REQUIRED ACTION> Find every line in the records that holds the string "sheet". Copy each one.

DATA LISTING>
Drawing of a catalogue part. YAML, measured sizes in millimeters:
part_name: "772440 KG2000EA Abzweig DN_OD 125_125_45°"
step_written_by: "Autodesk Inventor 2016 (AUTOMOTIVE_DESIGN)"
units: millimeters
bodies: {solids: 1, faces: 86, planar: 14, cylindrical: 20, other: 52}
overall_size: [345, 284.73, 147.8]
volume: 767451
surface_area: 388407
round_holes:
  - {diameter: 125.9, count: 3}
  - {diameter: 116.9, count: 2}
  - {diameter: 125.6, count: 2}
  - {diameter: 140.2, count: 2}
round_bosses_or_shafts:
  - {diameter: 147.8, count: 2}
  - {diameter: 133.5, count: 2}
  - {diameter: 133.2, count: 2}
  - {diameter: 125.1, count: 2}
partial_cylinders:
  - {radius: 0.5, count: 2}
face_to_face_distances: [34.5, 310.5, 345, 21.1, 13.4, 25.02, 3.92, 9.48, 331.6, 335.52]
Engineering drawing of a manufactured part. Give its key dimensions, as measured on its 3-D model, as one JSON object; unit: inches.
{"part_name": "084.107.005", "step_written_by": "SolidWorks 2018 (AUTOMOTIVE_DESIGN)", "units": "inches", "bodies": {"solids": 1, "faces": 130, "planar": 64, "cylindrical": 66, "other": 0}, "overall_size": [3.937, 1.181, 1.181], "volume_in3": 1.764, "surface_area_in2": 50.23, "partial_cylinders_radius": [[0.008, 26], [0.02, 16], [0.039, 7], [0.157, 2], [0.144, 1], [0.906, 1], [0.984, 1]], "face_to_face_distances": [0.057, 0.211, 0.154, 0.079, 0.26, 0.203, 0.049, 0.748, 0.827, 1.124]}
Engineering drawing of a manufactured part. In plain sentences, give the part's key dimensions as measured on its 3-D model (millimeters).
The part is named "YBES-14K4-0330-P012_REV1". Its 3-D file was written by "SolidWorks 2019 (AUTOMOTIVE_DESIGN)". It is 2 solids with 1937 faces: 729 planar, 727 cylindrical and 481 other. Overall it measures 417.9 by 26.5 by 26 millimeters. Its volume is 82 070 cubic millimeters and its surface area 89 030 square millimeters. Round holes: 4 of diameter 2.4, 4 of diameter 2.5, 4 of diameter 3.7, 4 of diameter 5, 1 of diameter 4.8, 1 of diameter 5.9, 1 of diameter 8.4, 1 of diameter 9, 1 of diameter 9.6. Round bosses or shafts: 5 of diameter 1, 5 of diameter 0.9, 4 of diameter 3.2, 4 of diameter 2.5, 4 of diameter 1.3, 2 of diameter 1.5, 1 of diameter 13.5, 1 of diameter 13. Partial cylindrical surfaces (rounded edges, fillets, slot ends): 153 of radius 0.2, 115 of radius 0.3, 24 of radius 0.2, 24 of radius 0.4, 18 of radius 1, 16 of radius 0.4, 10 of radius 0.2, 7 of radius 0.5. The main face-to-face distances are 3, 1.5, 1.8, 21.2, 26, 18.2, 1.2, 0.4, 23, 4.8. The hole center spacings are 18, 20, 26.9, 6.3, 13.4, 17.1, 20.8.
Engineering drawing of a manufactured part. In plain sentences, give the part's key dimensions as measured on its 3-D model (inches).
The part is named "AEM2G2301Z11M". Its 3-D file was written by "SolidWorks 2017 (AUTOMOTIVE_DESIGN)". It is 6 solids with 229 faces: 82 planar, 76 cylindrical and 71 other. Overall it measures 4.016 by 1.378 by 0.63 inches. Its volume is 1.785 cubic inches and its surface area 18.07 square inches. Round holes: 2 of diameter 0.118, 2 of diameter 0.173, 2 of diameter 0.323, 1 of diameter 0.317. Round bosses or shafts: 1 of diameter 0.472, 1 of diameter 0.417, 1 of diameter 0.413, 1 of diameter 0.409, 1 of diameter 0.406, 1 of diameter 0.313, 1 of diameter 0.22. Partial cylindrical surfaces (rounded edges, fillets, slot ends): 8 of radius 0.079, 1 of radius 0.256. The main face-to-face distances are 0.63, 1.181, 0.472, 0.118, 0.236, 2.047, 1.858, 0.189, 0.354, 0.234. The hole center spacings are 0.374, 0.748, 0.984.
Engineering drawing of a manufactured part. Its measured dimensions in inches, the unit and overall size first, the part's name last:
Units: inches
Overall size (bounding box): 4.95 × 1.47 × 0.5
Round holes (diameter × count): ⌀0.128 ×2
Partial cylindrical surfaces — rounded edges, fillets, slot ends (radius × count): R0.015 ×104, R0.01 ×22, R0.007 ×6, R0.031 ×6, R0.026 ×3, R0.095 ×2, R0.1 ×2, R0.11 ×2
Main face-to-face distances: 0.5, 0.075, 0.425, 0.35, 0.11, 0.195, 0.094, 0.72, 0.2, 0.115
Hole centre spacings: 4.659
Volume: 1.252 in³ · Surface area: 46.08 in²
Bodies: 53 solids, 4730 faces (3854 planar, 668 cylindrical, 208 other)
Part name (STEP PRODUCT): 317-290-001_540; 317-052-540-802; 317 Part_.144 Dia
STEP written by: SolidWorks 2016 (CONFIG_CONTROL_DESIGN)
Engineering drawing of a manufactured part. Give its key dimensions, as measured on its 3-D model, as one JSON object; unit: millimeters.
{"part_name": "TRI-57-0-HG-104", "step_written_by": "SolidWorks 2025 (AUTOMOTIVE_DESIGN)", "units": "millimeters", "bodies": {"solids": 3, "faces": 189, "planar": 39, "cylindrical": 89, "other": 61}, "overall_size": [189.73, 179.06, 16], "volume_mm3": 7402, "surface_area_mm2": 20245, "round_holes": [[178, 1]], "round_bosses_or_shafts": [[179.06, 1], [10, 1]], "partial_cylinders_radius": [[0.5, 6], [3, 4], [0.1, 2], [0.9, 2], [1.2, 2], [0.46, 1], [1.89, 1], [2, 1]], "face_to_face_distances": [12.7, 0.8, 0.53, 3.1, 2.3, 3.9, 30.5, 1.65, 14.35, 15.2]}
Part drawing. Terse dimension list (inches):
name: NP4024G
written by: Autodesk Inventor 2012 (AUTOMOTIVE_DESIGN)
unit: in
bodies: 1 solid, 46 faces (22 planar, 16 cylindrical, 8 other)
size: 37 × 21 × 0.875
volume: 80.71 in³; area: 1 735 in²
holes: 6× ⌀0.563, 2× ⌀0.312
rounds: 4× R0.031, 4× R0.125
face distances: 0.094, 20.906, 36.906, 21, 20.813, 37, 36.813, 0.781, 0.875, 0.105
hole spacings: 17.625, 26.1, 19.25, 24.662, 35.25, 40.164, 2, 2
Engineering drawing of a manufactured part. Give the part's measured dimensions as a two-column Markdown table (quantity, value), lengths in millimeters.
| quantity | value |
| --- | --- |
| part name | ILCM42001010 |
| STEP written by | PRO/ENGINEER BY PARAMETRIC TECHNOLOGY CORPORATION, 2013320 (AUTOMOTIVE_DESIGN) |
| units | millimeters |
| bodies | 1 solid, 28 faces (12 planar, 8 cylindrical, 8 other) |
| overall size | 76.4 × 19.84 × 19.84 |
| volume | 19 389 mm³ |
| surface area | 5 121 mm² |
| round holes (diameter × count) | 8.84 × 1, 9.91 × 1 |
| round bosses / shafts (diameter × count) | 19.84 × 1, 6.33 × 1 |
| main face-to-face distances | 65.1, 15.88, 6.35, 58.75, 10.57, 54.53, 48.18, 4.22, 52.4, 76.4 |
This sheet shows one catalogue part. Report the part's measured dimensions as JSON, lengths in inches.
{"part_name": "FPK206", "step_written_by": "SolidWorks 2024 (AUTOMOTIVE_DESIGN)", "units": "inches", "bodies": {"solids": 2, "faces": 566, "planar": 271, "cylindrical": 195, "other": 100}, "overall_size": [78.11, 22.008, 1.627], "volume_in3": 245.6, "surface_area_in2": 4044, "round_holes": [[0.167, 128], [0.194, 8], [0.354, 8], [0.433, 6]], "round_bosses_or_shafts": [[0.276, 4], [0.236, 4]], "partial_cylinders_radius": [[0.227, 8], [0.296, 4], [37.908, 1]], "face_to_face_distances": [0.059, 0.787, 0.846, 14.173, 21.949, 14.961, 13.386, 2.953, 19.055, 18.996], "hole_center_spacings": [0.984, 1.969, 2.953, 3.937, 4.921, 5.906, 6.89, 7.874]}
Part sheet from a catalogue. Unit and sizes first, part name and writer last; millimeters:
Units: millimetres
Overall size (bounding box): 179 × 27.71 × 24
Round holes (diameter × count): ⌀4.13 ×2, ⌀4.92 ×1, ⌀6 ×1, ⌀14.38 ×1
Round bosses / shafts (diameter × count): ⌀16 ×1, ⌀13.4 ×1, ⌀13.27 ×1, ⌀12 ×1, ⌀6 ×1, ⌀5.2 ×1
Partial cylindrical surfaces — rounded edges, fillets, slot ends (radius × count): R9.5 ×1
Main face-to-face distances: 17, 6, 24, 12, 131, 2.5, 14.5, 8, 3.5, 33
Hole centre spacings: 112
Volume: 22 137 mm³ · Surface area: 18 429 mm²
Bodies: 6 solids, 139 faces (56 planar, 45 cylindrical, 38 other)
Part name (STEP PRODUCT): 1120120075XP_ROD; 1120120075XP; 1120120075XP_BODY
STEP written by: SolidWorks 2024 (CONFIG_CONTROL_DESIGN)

FINAL ANSWER>
This sheet shows one catalogue part. Report the part's measured dimensions as JSON, lengths in inches.
Part sheet from a catalogue. Unit and sizes first, part name and writer last; millimeters:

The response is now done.